Netrin accumulation in malacostracan crustaceans: detection of midline netrin accumulation in split germ band embryos. The mechanism of ventral nerve cord formation in Paryhale hawaiensis, which has a split germ band during development, was examined with anti-acetylated tubulin staining (A, B). While the anterior–posterior gradient of nerve cord formation is evident (A), the mechanism for pioneering the longitudinals observed in branchiopods is not seen in Parhyale, as evidenced by the gaps in the longitudinals (white arrows) apparent in B. Commissure formation commences despite the split germ band found in Parhyale (see lower segment in B).
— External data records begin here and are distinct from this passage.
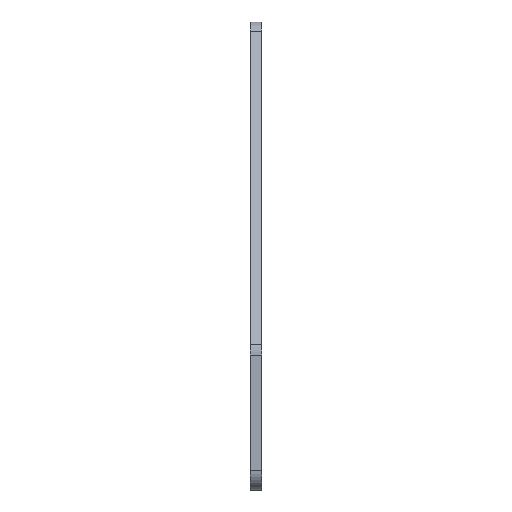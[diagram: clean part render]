
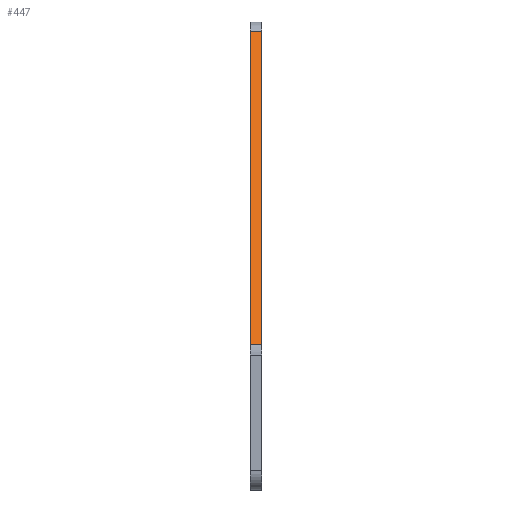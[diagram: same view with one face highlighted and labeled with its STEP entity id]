
A CAD part, left-side view. The second image highlights one B-rep face of the part: STEP entity #447.
In plain terms, the highlighted planar face has unit normal (-0.857, 0, 0.515).
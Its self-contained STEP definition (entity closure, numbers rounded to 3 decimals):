
#21 = DIRECTION ( 'NONE',  ( 0.857, 0., -0.515 ) ) ;
#25 = DIRECTION ( 'NONE',  ( -0.515, 0., -0.857 ) ) ;
#33 = ORIENTED_EDGE ( 'NONE', *, *, #539, .T. ) ;
#39 = DIRECTION ( 'NONE',  ( 0., -1., 0. ) ) ;
#46 = EDGE_CURVE ( 'NONE', #227, #787, #136, .T. ) ;
#67 = LINE ( 'NONE', #377, #587 ) ;
#78 = PLANE ( 'NONE',  #846 ) ;
#115 = ORIENTED_EDGE ( 'NONE', *, *, #789, .F. ) ;
#119 = VECTOR ( 'NONE', #346, 1000. ) ;
#136 = LINE ( 'NONE', #612, #119 ) ;
#179 = ORIENTED_EDGE ( 'NONE', *, *, #46, .T. ) ;
#196 = FACE_OUTER_BOUND ( 'NONE', #795, .T. ) ;
#227 = VERTEX_POINT ( 'NONE', #278 ) ;
#266 = CARTESIAN_POINT ( 'NONE',  ( -69.285, 3., -22.811 ) ) ;
#275 = CARTESIAN_POINT ( 'NONE',  ( -40.818, 3., 24.54 ) ) ;
#278 = CARTESIAN_POINT ( 'NONE',  ( -20.957, 0., 57.576 ) ) ;
#302 = CARTESIAN_POINT ( 'NONE',  ( -20.957, 3., 57.576 ) ) ;
#346 = DIRECTION ( 'NONE',  ( 0., 1., 0. ) ) ;
#368 = CARTESIAN_POINT ( 'NONE',  ( -69.285, 237.269, -22.811 ) ) ;
#377 = CARTESIAN_POINT ( 'NONE',  ( -40.818, 0., 24.54 ) ) ;
#418 = VECTOR ( 'NONE', #39, 1000. ) ;
#447 = ADVANCED_FACE ( 'NONE', ( #196 ), #78, .F. ) ;
#485 = DIRECTION ( 'NONE',  ( -0.515, 0., -0.857 ) ) ;
#496 = VECTOR ( 'NONE', #25, 1000. ) ;
#498 = VERTEX_POINT ( 'NONE', #266 ) ;
#539 = EDGE_CURVE ( 'NONE', #787, #498, #693, .T. ) ;
#548 = VERTEX_POINT ( 'NONE', #753 ) ;
#562 = ORIENTED_EDGE ( 'NONE', *, *, #726, .T. ) ;
#587 = VECTOR ( 'NONE', #775, 1000. ) ;
#596 = LINE ( 'NONE', #368, #418 ) ;
#612 = CARTESIAN_POINT ( 'NONE',  ( -20.957, 237.269, 57.576 ) ) ;
#680 = CARTESIAN_POINT ( 'NONE',  ( -70., 237.269, -24. ) ) ;
#693 = LINE ( 'NONE', #275, #496 ) ;
#726 = EDGE_CURVE ( 'NONE', #498, #548, #596, .T. ) ;
#753 = CARTESIAN_POINT ( 'NONE',  ( -69.285, 0., -22.811 ) ) ;
#775 = DIRECTION ( 'NONE',  ( -0.515, 0., -0.857 ) ) ;
#787 = VERTEX_POINT ( 'NONE', #302 ) ;
#789 = EDGE_CURVE ( 'NONE', #227, #548, #67, .T. ) ;
#795 = EDGE_LOOP ( 'NONE', ( #33, #562, #115, #179 ) ) ;
#846 = AXIS2_PLACEMENT_3D ( 'NONE', #680, #21, #485 ) ;
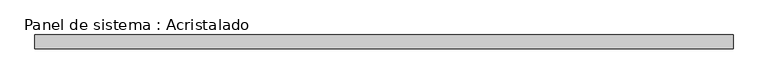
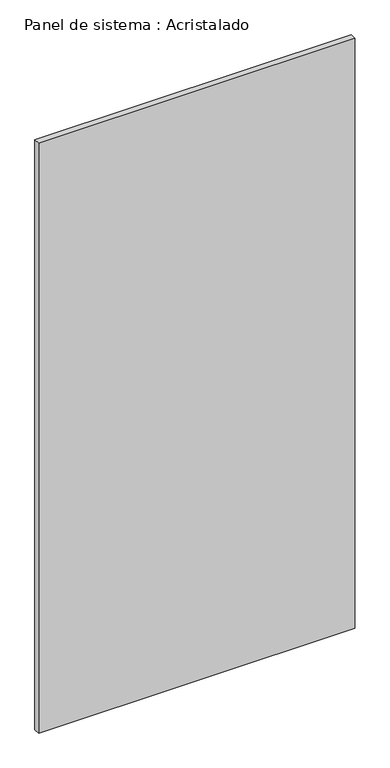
"""IFC4 building model written with IfcOpenShell, lengths in millimetres: plate geometry, Panel de sistema : Acristalado."""

from ifc_helpers import new_model, si_unit, origin, origin_with_axes, place, context, project, spatial, polyline, outline, extrude, source, transform, mapped, element, save


def panel_de_sistema_acristalado_23e90c11(model_context):
    return source(origin(), model_context, "Body", "SweptSolid", [
        extrude(outline(polyline([(507.351925, -10.0), (-507.351925, -10.0), (-507.351925, 10.0), (507.351925, 10.0), (507.351925, -10.0)])), origin_with_axes(), (0.0, 0.0, 1.0), 2000.0),
    ])


if __name__ == "__main__":
    model = new_model("IFC4")
    model_context = context("Model", 3, world=origin())
    ifc_project = project(units=[si_unit("LENGTHUNIT", "METRE", prefix="MILLI")], contexts=[model_context])
    site = spatial("IfcSite", under=ifc_project)
    building = spatial("IfcBuilding", under=site)
    placement = place(None, origin())
    panel_de_sistema_acristalado_shape = panel_de_sistema_acristalado_23e90c11(model_context)
    element("IfcPlate", 1, ObjectType="Panel de sistema : Acristalado", at=placement, inside=building, context=model_context, shape_type="MappedRepresentation", body=[
        mapped(panel_de_sistema_acristalado_shape, transform((0.0, 0.0, 0.0), x_axis=(1.0, 0.0, 0.0), y_axis=(0.0, 1.0, 0.0), z_axis=(0.0, 0.0, 1.0))),
    ])
    save(model, "model.ifc")
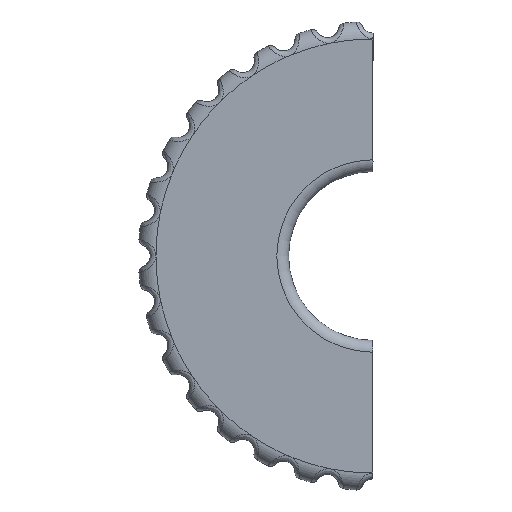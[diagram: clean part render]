
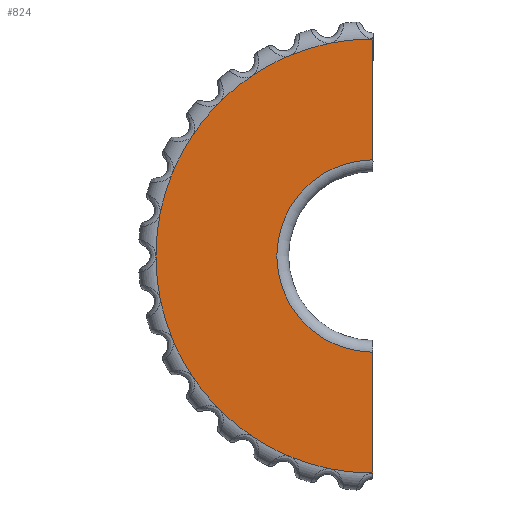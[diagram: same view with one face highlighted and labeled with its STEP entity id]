
A CAD part, front view. The second image highlights one B-rep face of the part: STEP entity #824.
In plain terms, the highlighted planar face has unit normal (0, -1, 0).
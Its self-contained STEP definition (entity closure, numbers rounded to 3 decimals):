
#259=PLANE('',#4385);
#430=LINE('',#5992,#585);
#473=LINE('',#7260,#628);
#585=VECTOR('',#4716,1.);
#628=VECTOR('',#4955,1.);
#824=ADVANCED_FACE('',(#1139),#259,.F.);
#1139=FACE_OUTER_BOUND('',#1404,.T.);
#1404=EDGE_LOOP('',(#2148,#2149,#2150,#2151,#2152,#2153,#2154,#2155,#2156,
#2157,#2158,#2159,#2160,#2161,#2162,#2163,#2164,#2165,#2166));
#2148=ORIENTED_EDGE('',*,*,#3482,.F.);
#2149=ORIENTED_EDGE('',*,*,#3639,.T.);
#2150=ORIENTED_EDGE('',*,*,#3333,.F.);
#2151=ORIENTED_EDGE('',*,*,#3314,.T.);
#2152=ORIENTED_EDGE('',*,*,#3343,.T.);
#2153=ORIENTED_EDGE('',*,*,#3353,.T.);
#2154=ORIENTED_EDGE('',*,*,#3371,.T.);
#2155=ORIENTED_EDGE('',*,*,#3397,.T.);
#2156=ORIENTED_EDGE('',*,*,#3425,.T.);
#2157=ORIENTED_EDGE('',*,*,#3445,.T.);
#2158=ORIENTED_EDGE('',*,*,#3455,.T.);
#2159=ORIENTED_EDGE('',*,*,#3600,.T.);
#2160=ORIENTED_EDGE('',*,*,#3590,.T.);
#2161=ORIENTED_EDGE('',*,*,#3570,.T.);
#2162=ORIENTED_EDGE('',*,*,#3542,.T.);
#2163=ORIENTED_EDGE('',*,*,#3516,.T.);
#2164=ORIENTED_EDGE('',*,*,#3498,.T.);
#2165=ORIENTED_EDGE('',*,*,#3488,.T.);
#2166=ORIENTED_EDGE('',*,*,#3469,.T.);
#2962=VERTEX_POINT('',#5856);
#2963=VERTEX_POINT('',#5857);
#2978=VERTEX_POINT('',#5993);
#2986=VERTEX_POINT('',#6064);
#2992=VERTEX_POINT('',#6185);
#3006=VERTEX_POINT('',#6351);
#3024=VERTEX_POINT('',#6549);
#3046=VERTEX_POINT('',#6767);
#3060=VERTEX_POINT('',#6936);
#3066=VERTEX_POINT('',#7057);
#3075=VERTEX_POINT('',#7206);
#3076=VERTEX_POINT('',#7208);
#3087=VERTEX_POINT('',#7259);
#3092=VERTEX_POINT('',#7296);
#3098=VERTEX_POINT('',#7417);
#3112=VERTEX_POINT('',#7597);
#3130=VERTEX_POINT('',#7795);
#3152=VERTEX_POINT('',#8013);
#3166=VERTEX_POINT('',#8182);
#3314=EDGE_CURVE('',#2962,#2963,#3921,.T.);
#3333=EDGE_CURVE('',#2962,#2978,#430,.T.);
#3343=EDGE_CURVE('',#2963,#2986,#3934,.T.);
#3353=EDGE_CURVE('',#2986,#2992,#3938,.T.);
#3371=EDGE_CURVE('',#2992,#3006,#3942,.T.);
#3397=EDGE_CURVE('',#3006,#3024,#3954,.T.);
#3425=EDGE_CURVE('',#3024,#3046,#3964,.T.);
#3445=EDGE_CURVE('',#3046,#3060,#3970,.T.);
#3455=EDGE_CURVE('',#3060,#3066,#3974,.T.);
#3469=EDGE_CURVE('',#3076,#3075,#3979,.T.);
#3482=EDGE_CURVE('',#3087,#3075,#473,.T.);
#3488=EDGE_CURVE('',#3092,#3076,#3988,.T.);
#3498=EDGE_CURVE('',#3098,#3092,#3992,.T.);
#3516=EDGE_CURVE('',#3112,#3098,#3996,.T.);
#3542=EDGE_CURVE('',#3130,#3112,#4008,.T.);
#3570=EDGE_CURVE('',#3152,#3130,#4018,.T.);
#3590=EDGE_CURVE('',#3166,#3152,#4024,.T.);
#3600=EDGE_CURVE('',#3066,#3166,#4028,.T.);
#3639=EDGE_CURVE('',#3087,#2978,#4033,.T.);
#3921=CIRCLE('',#4176,18.5);
#3934=CIRCLE('',#4194,18.5);
#3938=CIRCLE('',#4201,18.5);
#3942=CIRCLE('',#4210,18.5);
#3954=CIRCLE('',#4232,18.5);
#3964=CIRCLE('',#4252,18.5);
#3970=CIRCLE('',#4264,18.5);
#3974=CIRCLE('',#4271,18.5);
#3979=CIRCLE('',#4280,18.5);
#3988=CIRCLE('',#4291,18.5);
#3992=CIRCLE('',#4298,18.5);
#3996=CIRCLE('',#4307,18.5);
#4008=CIRCLE('',#4329,18.5);
#4018=CIRCLE('',#4349,18.5);
#4024=CIRCLE('',#4361,18.5);
#4028=CIRCLE('',#4368,18.5);
#4033=CIRCLE('',#4384,8.2);
#4176=AXIS2_PLACEMENT_3D('',#5855,#4685,#4686);
#4194=AXIS2_PLACEMENT_3D('',#6063,#4731,#4732);
#4201=AXIS2_PLACEMENT_3D('',#6184,#4747,#4748);
#4210=AXIS2_PLACEMENT_3D('',#6350,#4769,#4770);
#4232=AXIS2_PLACEMENT_3D('',#6548,#4817,#4818);
#4252=AXIS2_PLACEMENT_3D('',#6766,#4865,#4866);
#4264=AXIS2_PLACEMENT_3D('',#6935,#4897,#4898);
#4271=AXIS2_PLACEMENT_3D('',#7056,#4913,#4914);
#4280=AXIS2_PLACEMENT_3D('',#7207,#4935,#4936);
#4291=AXIS2_PLACEMENT_3D('',#7295,#4965,#4966);
#4298=AXIS2_PLACEMENT_3D('',#7416,#4981,#4982);
#4307=AXIS2_PLACEMENT_3D('',#7596,#5003,#5004);
#4329=AXIS2_PLACEMENT_3D('',#7794,#5051,#5052);
#4349=AXIS2_PLACEMENT_3D('',#8012,#5099,#5100);
#4361=AXIS2_PLACEMENT_3D('',#8181,#5131,#5132);
#4368=AXIS2_PLACEMENT_3D('',#8302,#5147,#5148);
#4384=AXIS2_PLACEMENT_3D('',#9485,#5194,#5195);
#4385=AXIS2_PLACEMENT_3D('',#9486,#5196,#5197);
#4685=DIRECTION('',(0.,-1.,0.));
#4686=DIRECTION('',(0.,0.,1.));
#4716=DIRECTION('',(0.,0.,-1.));
#4731=DIRECTION('',(0.,-1.,0.));
#4732=DIRECTION('',(0.,0.,1.));
#4747=DIRECTION('',(0.,-1.,0.));
#4748=DIRECTION('',(0.,0.,1.));
#4769=DIRECTION('',(0.,-1.,0.));
#4770=DIRECTION('',(0.,0.,1.));
#4817=DIRECTION('',(0.,-1.,0.));
#4818=DIRECTION('',(0.,0.,1.));
#4865=DIRECTION('',(0.,-1.,0.));
#4866=DIRECTION('',(0.,0.,1.));
#4897=DIRECTION('',(0.,-1.,0.));
#4898=DIRECTION('',(0.,0.,1.));
#4913=DIRECTION('',(0.,-1.,0.));
#4914=DIRECTION('',(0.,0.,1.));
#4935=DIRECTION('',(0.,-1.,0.));
#4936=DIRECTION('',(0.,0.,1.));
#4955=DIRECTION('',(0.,0.,-1.));
#4965=DIRECTION('',(0.,-1.,0.));
#4966=DIRECTION('',(0.,0.,1.));
#4981=DIRECTION('',(0.,-1.,0.));
#4982=DIRECTION('',(0.,0.,1.));
#5003=DIRECTION('',(0.,-1.,0.));
#5004=DIRECTION('',(0.,0.,1.));
#5051=DIRECTION('',(0.,-1.,0.));
#5052=DIRECTION('',(0.,0.,1.));
#5099=DIRECTION('',(0.,-1.,0.));
#5100=DIRECTION('',(0.,0.,1.));
#5131=DIRECTION('',(0.,-1.,0.));
#5132=DIRECTION('',(0.,0.,1.));
#5147=DIRECTION('',(0.,-1.,0.));
#5148=DIRECTION('',(0.,0.,1.));
#5194=DIRECTION('',(0.,1.,0.));
#5195=DIRECTION('',(0.,0.,1.));
#5196=DIRECTION('',(0.,1.,0.));
#5197=DIRECTION('',(0.,0.,1.));
#5855=CARTESIAN_POINT('',(0.,-10.,0.));
#5856=CARTESIAN_POINT('',(0.,-10.,18.5));
#5857=CARTESIAN_POINT('',(-3.609,-10.,18.145));
#5992=CARTESIAN_POINT('',(0.,-10.,20.));
#5993=CARTESIAN_POINT('',(0.,-10.,8.2));
#6063=CARTESIAN_POINT('',(0.,-10.,0.));
#6064=CARTESIAN_POINT('',(-7.08,-10.,17.092));
#6184=CARTESIAN_POINT('',(0.,-10.,0.));
#6185=CARTESIAN_POINT('',(-10.278,-10.,15.382));
#6350=CARTESIAN_POINT('',(0.,-10.,0.));
#6351=CARTESIAN_POINT('',(-13.081,-10.,13.081));
#6548=CARTESIAN_POINT('',(0.,-10.,0.));
#6549=CARTESIAN_POINT('',(-15.382,-10.,10.278));
#6766=CARTESIAN_POINT('',(0.,-10.,0.));
#6767=CARTESIAN_POINT('',(-17.092,-10.,7.08));
#6935=CARTESIAN_POINT('',(0.,-10.,0.));
#6936=CARTESIAN_POINT('',(-18.145,-10.,3.609));
#7056=CARTESIAN_POINT('',(0.,-10.,0.));
#7057=CARTESIAN_POINT('',(-18.5,-10.,0.));
#7206=CARTESIAN_POINT('',(0.,-10.,-18.5));
#7207=CARTESIAN_POINT('',(0.,-10.,0.));
#7208=CARTESIAN_POINT('',(-3.609,-10.,-18.145));
#7259=CARTESIAN_POINT('',(0.,-10.,-8.2));
#7260=CARTESIAN_POINT('',(0.,-10.,-8.7));
#7295=CARTESIAN_POINT('',(0.,-10.,0.));
#7296=CARTESIAN_POINT('',(-7.08,-10.,-17.092));
#7416=CARTESIAN_POINT('',(0.,-10.,0.));
#7417=CARTESIAN_POINT('',(-10.278,-10.,-15.382));
#7596=CARTESIAN_POINT('',(0.,-10.,0.));
#7597=CARTESIAN_POINT('',(-13.081,-10.,-13.081));
#7794=CARTESIAN_POINT('',(0.,-10.,0.));
#7795=CARTESIAN_POINT('',(-15.382,-10.,-10.278));
#8012=CARTESIAN_POINT('',(0.,-10.,0.));
#8013=CARTESIAN_POINT('',(-17.092,-10.,-7.08));
#8181=CARTESIAN_POINT('',(0.,-10.,0.));
#8182=CARTESIAN_POINT('',(-18.145,-10.,-3.609));
#8302=CARTESIAN_POINT('',(0.,-10.,0.));
#9485=CARTESIAN_POINT('',(0.,-10.,0.));
#9486=CARTESIAN_POINT('',(0.,-10.,0.));

Net accumulation marked by the cross-reactive Ab is observed in midline cells in Parhyale (C–F). Midline Net accumulation initiates as the first commissural axons are extending (D), and is even found in split germ band segments (E), where Net-positive projections extending laterally from midline cells are observed. Net eventually accumulates in a pattern comparable to other arthropods and is detected on axons (F). Midline Net accumulation is also detected in Porcellio (G–I), another malacostracan. Higher magnification views of the middle (H) and upper (I) segments from the embryo in G are shown. In this figure, white arrowheads mark the anterior commissures, and black arrowheads mark the posterior commissures. Midline Net-positive cells are marked by black arrows. Anterior is oriented up in all figures.